TASK TO CARRY OUT » Needed from the data below: every line from the one with "#1086=CARTESIAN_POINT('',(-0.504,-34.252,0.));" up to and including the one with "#1675=FACE_OUTER_BOUND('',#1674,.F.);", repeated exactly and with nothing else.

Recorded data
[Start of section]

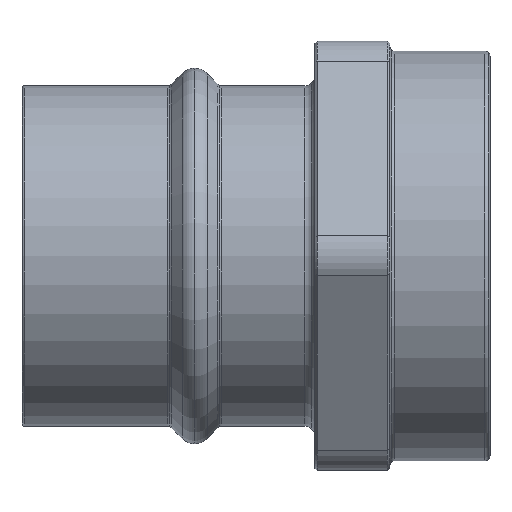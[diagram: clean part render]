
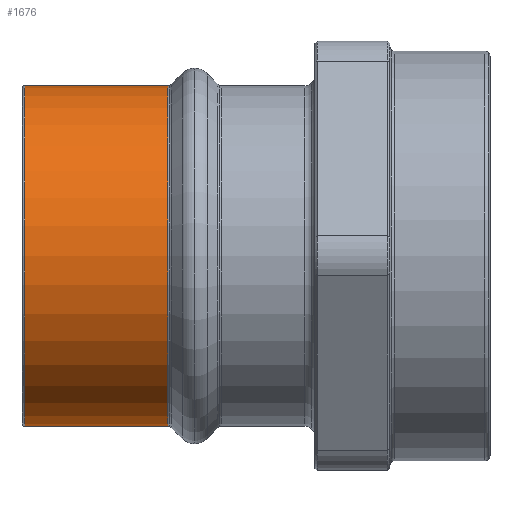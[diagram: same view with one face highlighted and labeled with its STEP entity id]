
A CAD part, top view. The second image highlights one B-rep face of the part: STEP entity #1676.
In plain terms, the highlighted cylindrical face has radius 34.252 mm (diameter 68.504 mm), a partial arc.
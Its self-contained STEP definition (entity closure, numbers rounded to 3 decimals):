
#356=DIRECTION('',(-1.,0.,0.));
#357=VECTOR('',#356,28.848);
#358=CARTESIAN_POINT('',(28.344,34.252,0.));
#359=LINE('',#358,#357);
#360=DIRECTION('',(-1.,0.,0.));
#361=VECTOR('',#360,28.848);
#362=CARTESIAN_POINT('',(28.344,-34.252,0.));
#363=LINE('',#362,#361);
#379=CARTESIAN_POINT('',(28.344,0.,0.));
#380=DIRECTION('',(1.,0.,0.));
#381=DIRECTION('',(0.,1.,0.));
#382=AXIS2_PLACEMENT_3D('',#379,#380,#381);
#384=CARTESIAN_POINT('',(-0.504,0.,0.));
#385=DIRECTION('',(-1.,0.,0.));
#386=DIRECTION('',(0.,-1.,0.));
#387=AXIS2_PLACEMENT_3D('',#384,#385,#386);
#1086=CARTESIAN_POINT('',(-0.504,-34.252,0.));
#1088=VERTEX_POINT('',#1086);
#1092=CARTESIAN_POINT('',(-0.504,34.252,0.));
#1093=VERTEX_POINT('',#1092);
#1098=CARTESIAN_POINT('',(28.344,-34.252,0.));
#1099=VERTEX_POINT('',#1098);
#1100=CARTESIAN_POINT('',(28.344,34.252,0.));
#1101=VERTEX_POINT('',#1100);
#1664=CARTESIAN_POINT('',(124.918,0.,0.));
#1665=DIRECTION('',(-1.,0.,0.));
#1666=DIRECTION('',(0.,-1.,0.));
#1667=AXIS2_PLACEMENT_3D('',#1664,#1665,#1666);
#1668=CYLINDRICAL_SURFACE('',#1667,34.252);
#1669=ORIENTED_EDGE('',*,*,#1655,.T.);
#1670=ORIENTED_EDGE('',*,*,#1630,.T.);
#1672=ORIENTED_EDGE('',*,*,#1671,.T.);
#1673=ORIENTED_EDGE('',*,*,#1627,.F.);
#1674=EDGE_LOOP('',(#1669,#1670,#1672,#1673));
#1675=FACE_OUTER_BOUND('',#1674,.F.);
#383=CIRCLE('',#382,34.252);
#388=CIRCLE('',#387,34.252);
#1627=EDGE_CURVE('',#1101,#1093,#359,.T.);
#1630=EDGE_CURVE('',#1099,#1088,#363,.T.);
#1655=EDGE_CURVE('',#1101,#1099,#383,.T.);
#1671=EDGE_CURVE('',#1088,#1093,#388,.T.);
#1676=ADVANCED_FACE('',(#1675),#1668,.T.);

[End of section]

RESPONSE »
#1086=CARTESIAN_POINT('',(-0.504,-34.252,0.));
#1088=VERTEX_POINT('',#1086);
#1092=CARTESIAN_POINT('',(-0.504,34.252,0.));
#1093=VERTEX_POINT('',#1092);
#1098=CARTESIAN_POINT('',(28.344,-34.252,0.));
#1099=VERTEX_POINT('',#1098);
#1100=CARTESIAN_POINT('',(28.344,34.252,0.));
#1101=VERTEX_POINT('',#1100);
#1664=CARTESIAN_POINT('',(124.918,0.,0.));
#1665=DIRECTION('',(-1.,0.,0.));
#1666=DIRECTION('',(0.,-1.,0.));
#1667=AXIS2_PLACEMENT_3D('',#1664,#1665,#1666);
#1668=CYLINDRICAL_SURFACE('',#1667,34.252);
#1669=ORIENTED_EDGE('',*,*,#1655,.T.);
#1670=ORIENTED_EDGE('',*,*,#1630,.T.);
#1672=ORIENTED_EDGE('',*,*,#1671,.T.);
#1673=ORIENTED_EDGE('',*,*,#1627,.F.);
#1674=EDGE_LOOP('',(#1669,#1670,#1672,#1673));
#1675=FACE_OUTER_BOUND('',#1674,.F.);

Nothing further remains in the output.